## Material to process

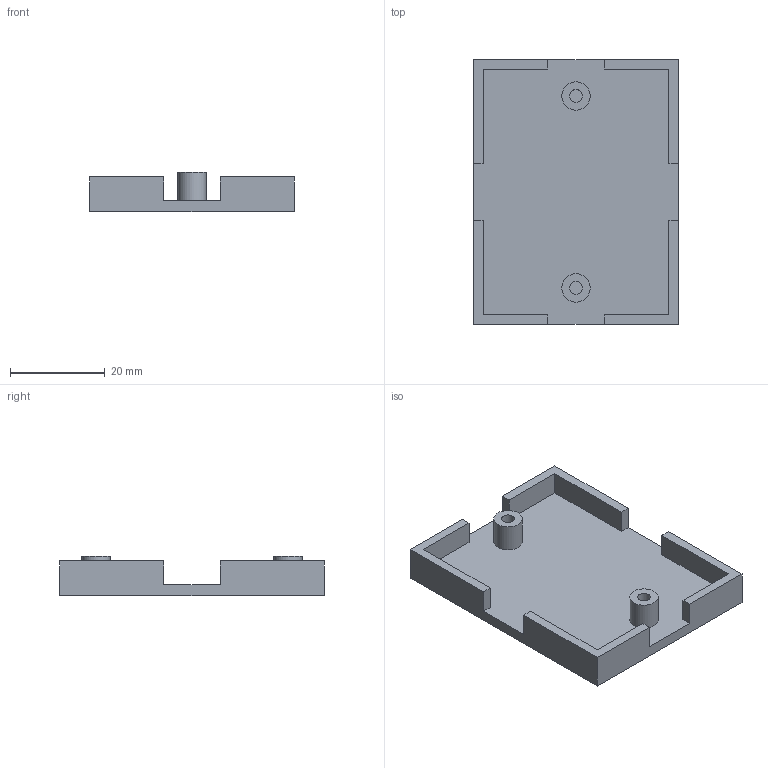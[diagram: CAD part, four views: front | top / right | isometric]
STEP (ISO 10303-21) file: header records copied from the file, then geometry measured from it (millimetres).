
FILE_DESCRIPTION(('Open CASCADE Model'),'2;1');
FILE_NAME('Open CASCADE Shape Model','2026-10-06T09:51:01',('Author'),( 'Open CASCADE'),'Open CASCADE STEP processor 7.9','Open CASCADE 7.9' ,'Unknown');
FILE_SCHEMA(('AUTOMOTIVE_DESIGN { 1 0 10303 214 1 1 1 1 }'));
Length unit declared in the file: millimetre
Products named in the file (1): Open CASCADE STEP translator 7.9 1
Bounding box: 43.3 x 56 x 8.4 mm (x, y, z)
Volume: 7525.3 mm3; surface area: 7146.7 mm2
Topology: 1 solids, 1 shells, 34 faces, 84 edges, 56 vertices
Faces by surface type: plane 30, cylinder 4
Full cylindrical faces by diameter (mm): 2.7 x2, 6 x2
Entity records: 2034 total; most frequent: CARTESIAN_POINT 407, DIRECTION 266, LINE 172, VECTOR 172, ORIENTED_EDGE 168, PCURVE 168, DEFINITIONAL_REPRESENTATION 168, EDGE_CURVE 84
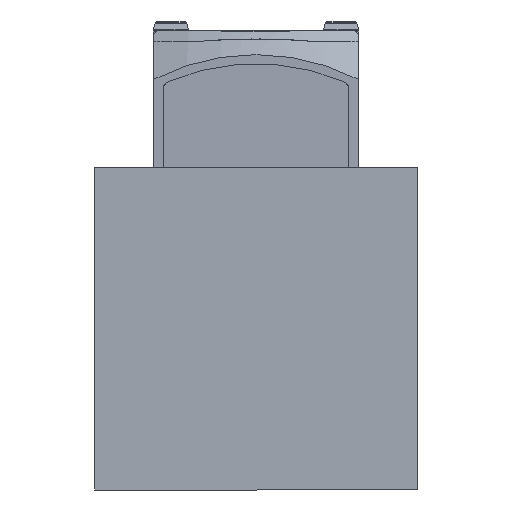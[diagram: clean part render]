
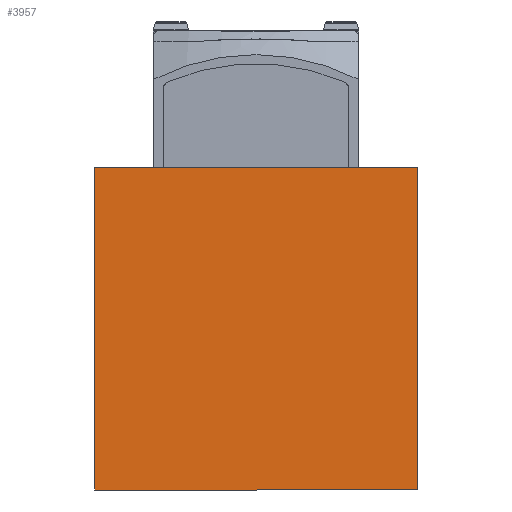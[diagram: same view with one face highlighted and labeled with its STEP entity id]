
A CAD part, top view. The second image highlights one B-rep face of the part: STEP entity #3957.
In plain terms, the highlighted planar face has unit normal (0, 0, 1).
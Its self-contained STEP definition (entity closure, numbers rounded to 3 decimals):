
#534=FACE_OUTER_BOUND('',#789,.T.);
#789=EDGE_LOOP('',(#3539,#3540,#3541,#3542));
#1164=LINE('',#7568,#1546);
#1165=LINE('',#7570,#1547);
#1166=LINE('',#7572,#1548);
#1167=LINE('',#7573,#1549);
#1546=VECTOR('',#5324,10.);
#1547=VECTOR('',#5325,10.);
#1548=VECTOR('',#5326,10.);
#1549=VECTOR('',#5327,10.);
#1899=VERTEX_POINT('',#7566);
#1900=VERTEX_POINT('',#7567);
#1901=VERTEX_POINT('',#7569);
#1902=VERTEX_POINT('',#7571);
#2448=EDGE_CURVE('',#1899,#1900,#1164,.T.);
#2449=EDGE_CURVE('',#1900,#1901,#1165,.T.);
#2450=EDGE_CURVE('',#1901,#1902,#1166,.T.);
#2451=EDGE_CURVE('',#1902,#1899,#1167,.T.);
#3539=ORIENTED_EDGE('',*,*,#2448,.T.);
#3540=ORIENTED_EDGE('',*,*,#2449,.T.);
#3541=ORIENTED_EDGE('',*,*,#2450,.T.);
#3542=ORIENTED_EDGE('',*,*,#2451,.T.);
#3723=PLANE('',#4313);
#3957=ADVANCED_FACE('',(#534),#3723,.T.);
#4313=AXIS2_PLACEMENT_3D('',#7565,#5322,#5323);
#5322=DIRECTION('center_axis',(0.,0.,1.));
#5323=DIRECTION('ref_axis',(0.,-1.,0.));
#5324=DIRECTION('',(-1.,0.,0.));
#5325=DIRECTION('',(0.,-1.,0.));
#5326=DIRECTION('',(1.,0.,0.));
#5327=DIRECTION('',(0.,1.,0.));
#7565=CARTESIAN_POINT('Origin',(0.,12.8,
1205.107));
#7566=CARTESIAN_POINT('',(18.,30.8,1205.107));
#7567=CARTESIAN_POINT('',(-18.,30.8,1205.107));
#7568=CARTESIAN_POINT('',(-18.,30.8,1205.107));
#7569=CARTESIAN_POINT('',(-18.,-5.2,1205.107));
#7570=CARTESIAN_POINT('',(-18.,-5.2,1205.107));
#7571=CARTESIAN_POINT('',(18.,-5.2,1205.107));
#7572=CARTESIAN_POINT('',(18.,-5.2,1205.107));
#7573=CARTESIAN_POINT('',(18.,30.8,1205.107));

## Exercise aim
Each line from the one containing "#5322=DIRECTION('center_axis',(0.,0.,1.));" down to the last line of the material above is to be transcribed exactly, with nothing else included.

## Solution to this problem
#5322=DIRECTION('center_axis',(0.,0.,1.));
#5323=DIRECTION('ref_axis',(0.,-1.,0.));
#5324=DIRECTION('',(-1.,0.,0.));
#5325=DIRECTION('',(0.,-1.,0.));
#5326=DIRECTION('',(1.,0.,0.));
#5327=DIRECTION('',(0.,1.,0.));
#7565=CARTESIAN_POINT('Origin',(0.,12.8,
1205.107));
#7566=CARTESIAN_POINT('',(18.,30.8,1205.107));
#7567=CARTESIAN_POINT('',(-18.,30.8,1205.107));
#7568=CARTESIAN_POINT('',(-18.,30.8,1205.107));
#7569=CARTESIAN_POINT('',(-18.,-5.2,1205.107));
#7570=CARTESIAN_POINT('',(-18.,-5.2,1205.107));
#7571=CARTESIAN_POINT('',(18.,-5.2,1205.107));
#7572=CARTESIAN_POINT('',(18.,-5.2,1205.107));
#7573=CARTESIAN_POINT('',(18.,30.8,1205.107));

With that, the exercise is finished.